Data provided ▸
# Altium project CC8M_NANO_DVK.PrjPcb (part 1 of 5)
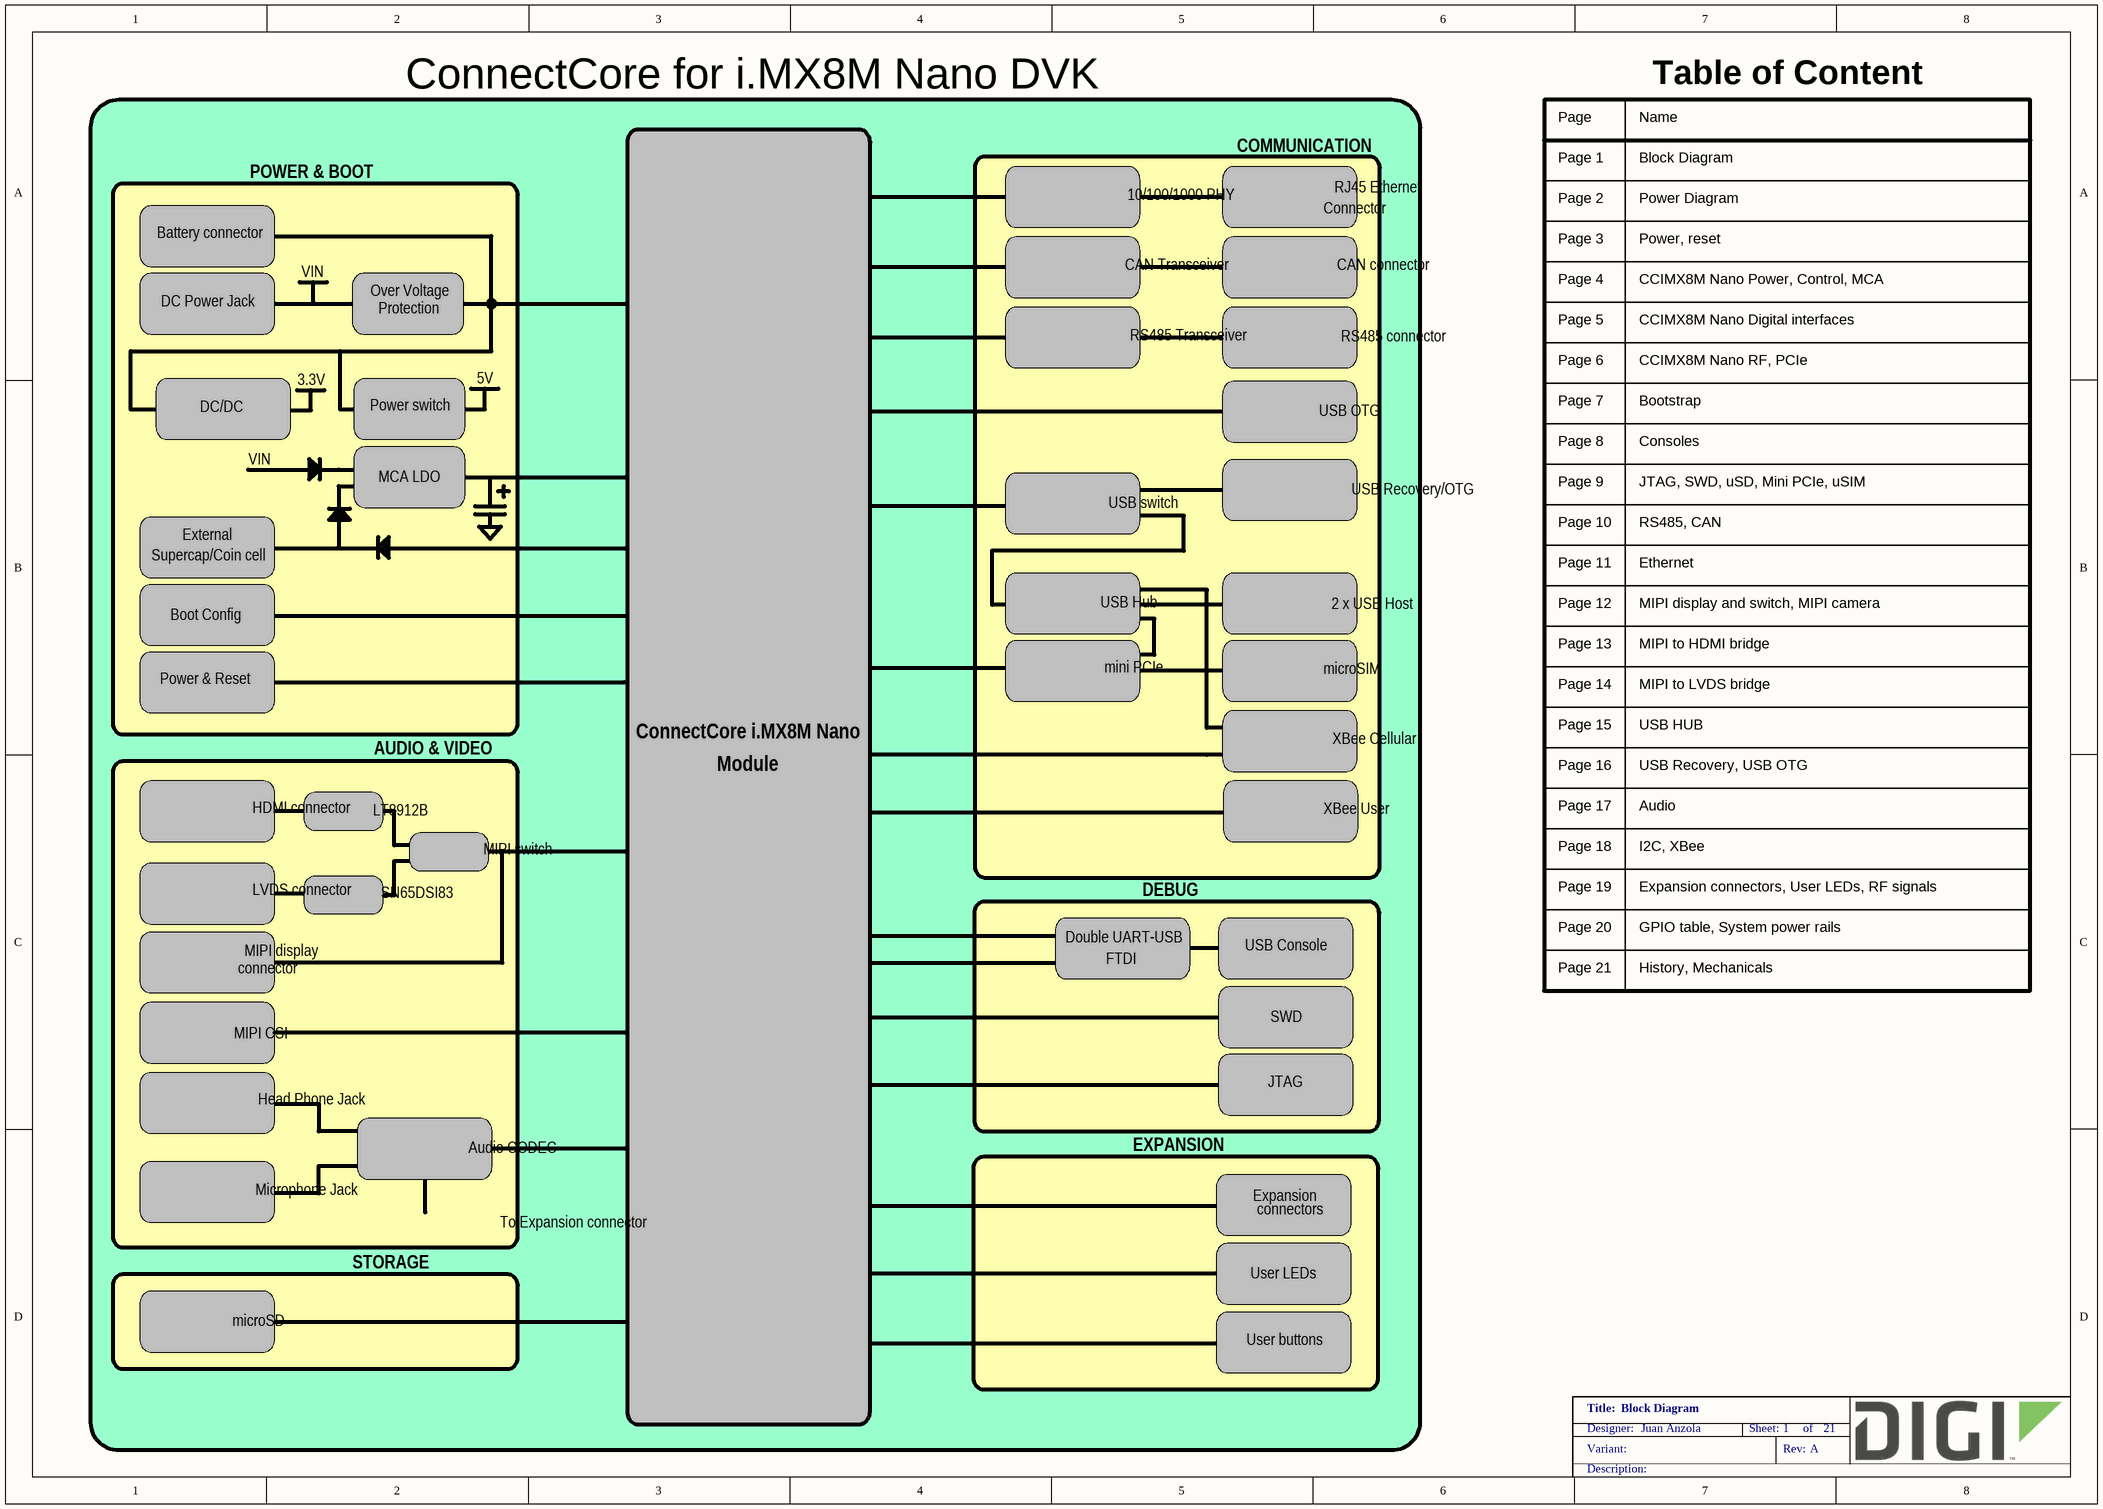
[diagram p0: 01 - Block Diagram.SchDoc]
VariantRevision: A
21 sheets, 756 parts. Net scope: flat (ports and power ports of the same name join across sheets).
Board file: 30016232-02_A.PcbDoc
Sheets:
  01 - Block Diagram.SchDoc
  02 - Power Diagram.SchDoc
  03 - Power, reset.SchDoc
  04 - CCIMX8M Nano Power, Control, MCA.SchDoc
  05 - CCIMX8M Nano Digital interfaces.SchDoc
  06 - CCIMX8M Nano RF, PCIe.SchDoc
  07 - Bootstrap.SchDoc
  08 - Consoles.SchDoc
  09 - JTAG, SWD, uSD, Mini PCIe, uSIM.SchDoc
  10 - RS485, CAN.SchDoc
  11 - Ethernet.SchDoc
  12 - MIPI display and switch, MIPI camera.SchDoc
  13 - MIPI to HDMI bridge.SchDoc
  14 - MIPI to LVDS bridge.SchDoc
  15 - USB HUB.SchDoc
  16 - USB Recovery, USB OTG.SchDoc
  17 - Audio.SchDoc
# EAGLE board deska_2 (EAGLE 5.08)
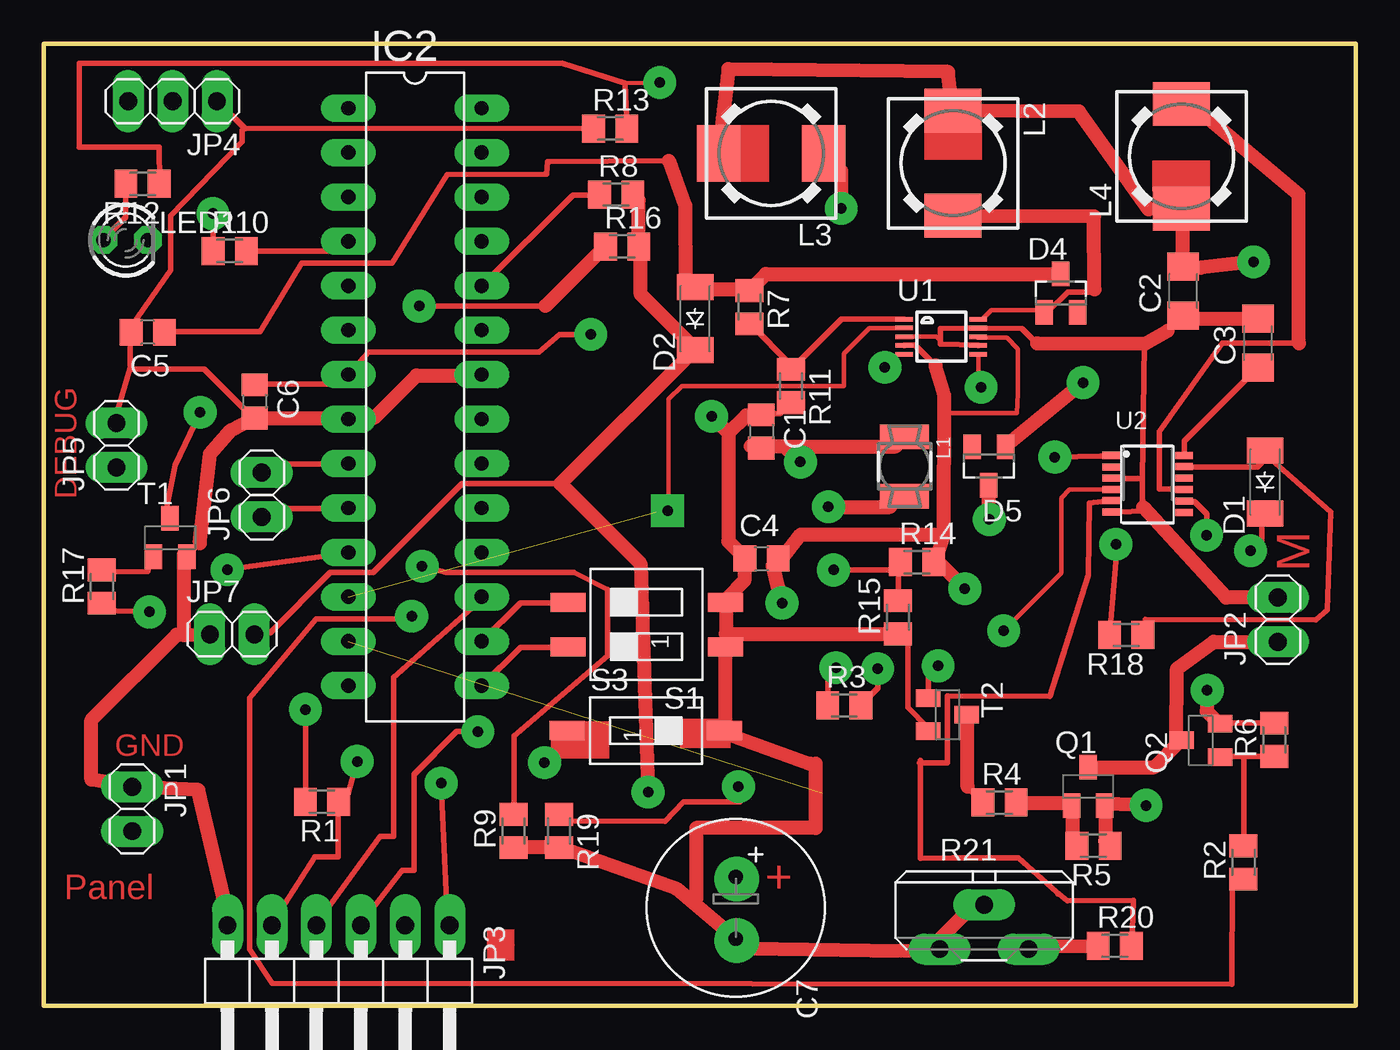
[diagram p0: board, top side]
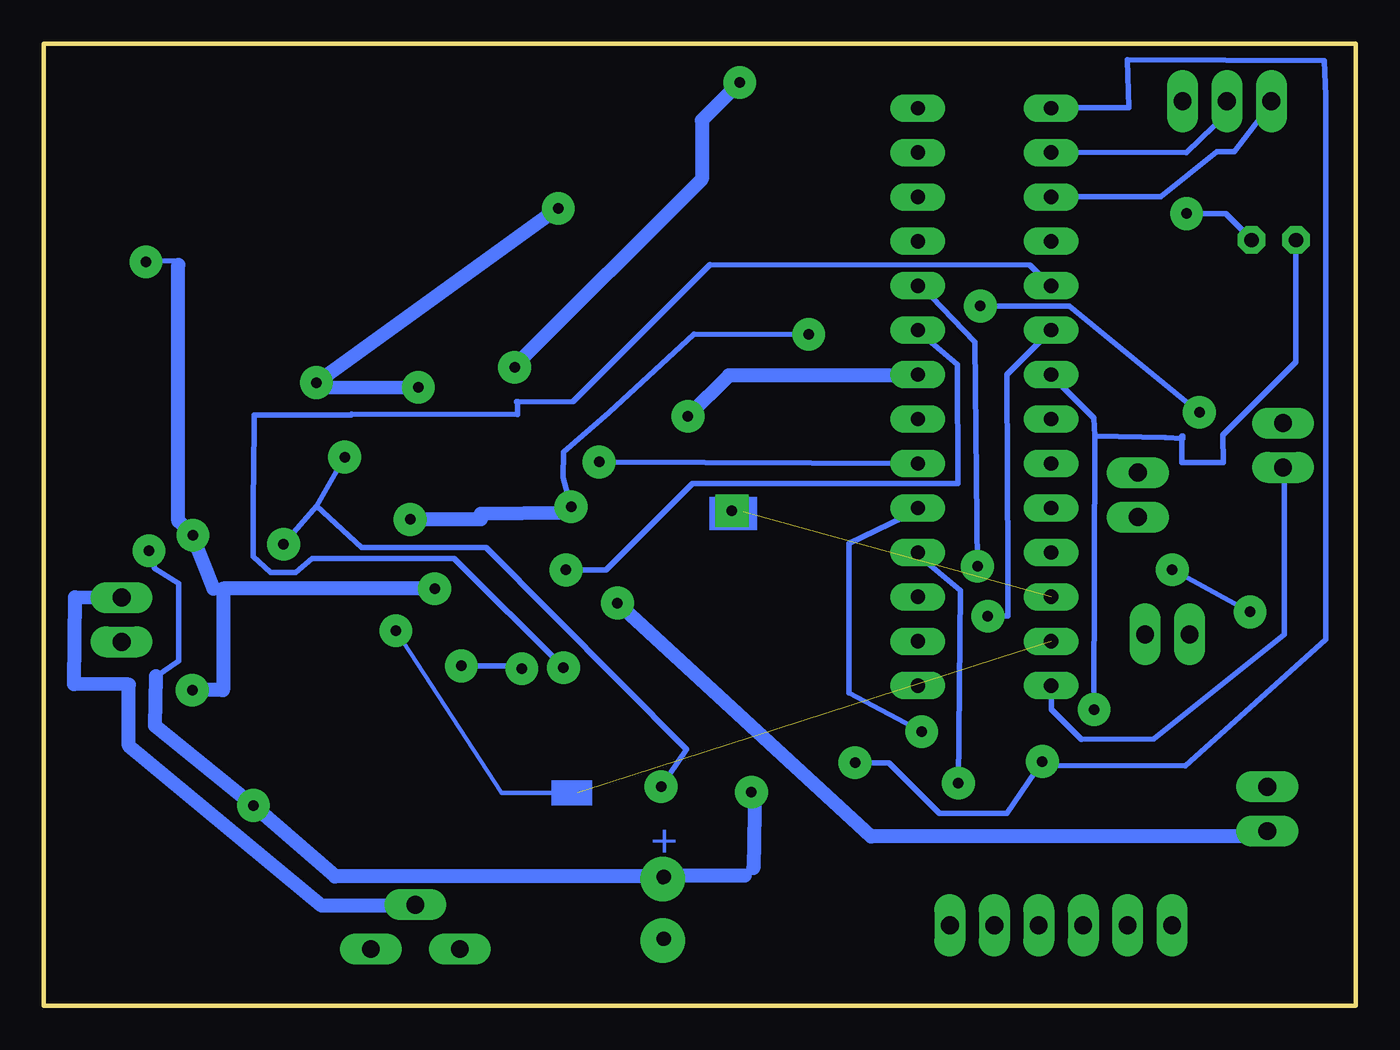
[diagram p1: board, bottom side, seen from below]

Size 75 x 55 mm. Coordinates in mm from the lower left corner, seen from the top.
Outline: 0,0 75,0 75,55 0,55 0,0
Copper layers (1*2+3*16): Top 0.035mm / dielectric 1.5mm / Route2 0.035mm / dielectric 0.15mm / Route3 0.035mm / dielectric 0.2mm / Bottom 0.035mm
Design rules "Trida_4_opi2 *": minimum track width 12mil, minimum drill 0.6mm, track to track 12mil, track to pad 8mil, pad to pad 8mil, via to via 20mil, smd to smd 12mil, copper to edge 25mil, drill to drill 12mil, minimum pad ring 15mil, minimum via ring 25mil, stop-mask expansion 4mil, vias tented up to drill 0mil, thermal gap 10mil
vRestrict: area 60.4,27.5 to 65.4,32.3; area 48.7,36.7 to 54.1,40.1; area 39,45.9 to 44.7,51.9; area 50.1,44.4 to 56.3,51.1; area 61.8,44.7 to 68.6,52.2

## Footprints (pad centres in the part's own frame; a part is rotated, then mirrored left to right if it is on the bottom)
C0805 = smd 1.3 x 1.5: 1 -0.95,0; 2 0.95,0
C1206 = smd 1.6 x 1.8: 1 -1.4,0; 2 1.4,0
E3,5-10 = drill 0.813 pad 1.6 round: + -1.778,0 | drill 0.813 pad 1.6 octagon: - 1.778,0
SOD-123_MINI-SMA = smd 1.5 x 2.1: A 1.8,0; C -1.8,0
SOT23 = smd 1 x 1.4: 1 -0.95,-1.1; 2 0.95,-1.1; 3 0,1.1
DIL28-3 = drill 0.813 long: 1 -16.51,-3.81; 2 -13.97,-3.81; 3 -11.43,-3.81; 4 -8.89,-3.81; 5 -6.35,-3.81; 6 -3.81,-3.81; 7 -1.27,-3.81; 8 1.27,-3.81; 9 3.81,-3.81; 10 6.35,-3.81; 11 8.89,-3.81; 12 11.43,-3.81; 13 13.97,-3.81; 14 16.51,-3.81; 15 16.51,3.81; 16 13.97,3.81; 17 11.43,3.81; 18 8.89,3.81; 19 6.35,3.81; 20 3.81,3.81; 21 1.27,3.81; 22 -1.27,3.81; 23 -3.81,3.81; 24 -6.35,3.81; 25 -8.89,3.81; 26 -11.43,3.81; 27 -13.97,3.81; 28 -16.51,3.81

What to do ▸
The stretch to restate runs from the line above containing "# EAGLE board deska_2 (EAGLE 5.08)" through the line containing "[diagram p0: board, top side]". Copy it word for word, ends included, without pictures.

Response ▸
# EAGLE board deska_2 (EAGLE 5.08)
[diagram p0: board, top side]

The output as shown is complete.